# The input
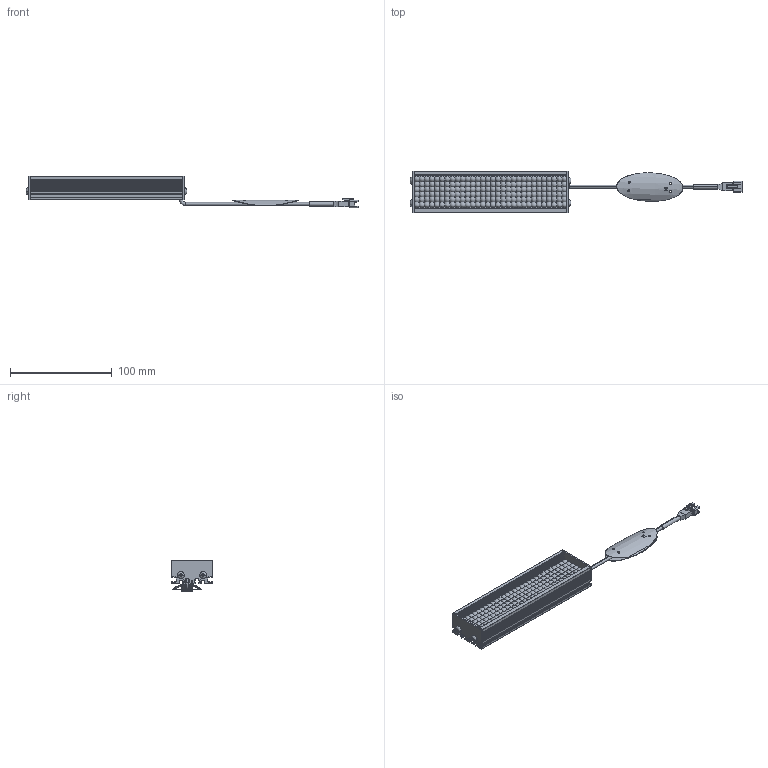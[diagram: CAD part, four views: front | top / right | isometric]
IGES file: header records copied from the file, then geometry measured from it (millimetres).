
Start section: 3D InterOp IGES (v. 2019 1.0.2), Spatial Corp. Copyright (c) 1999-2017.
Global section: file name: VBA-15030_DRAWING_3D.iges; native system: Spatial Corp.; preprocessor: 3D InterOp ACIS/IGES; author: Noname; organization: Noname; date: 20230914.100810; units: millimetre
Bounding box: 326 x 41 x 30.5 mm (x, y, z)
Surface area: 70533.2 mm2 (no closed solid volume)
Topology: 0 solids, 0 shells, 1452 faces, 8446 edges, 8446 vertices
Faces by surface type: extrusion 742, revolution 704, bspline 6

# What is needed
Since the pictures are not wanted, write out the rest of the data exactly as it reads.

# Solved exercise
[diagram: CAD part, four views: front | top / right | isometric]
IGES file: header records copied from the file, then geometry measured from it (millimetres).
Start section: 3D InterOp IGES (v. 2019 1.0.2), Spatial Corp. Copyright (c) 1999-2017.
Global section: file name: VBA-15030_DRAWING_3D.iges; native system: Spatial Corp.; preprocessor: 3D InterOp ACIS/IGES; author: Noname; organization: Noname; date: 20230914.100810; units: millimetre
Bounding box: 326 x 41 x 30.5 mm (x, y, z)
Surface area: 70533.2 mm2 (no closed solid volume)
Topology: 0 solids, 0 shells, 1452 faces, 8446 edges, 8446 vertices
Faces by surface type: extrusion 742, revolution 704, bspline 6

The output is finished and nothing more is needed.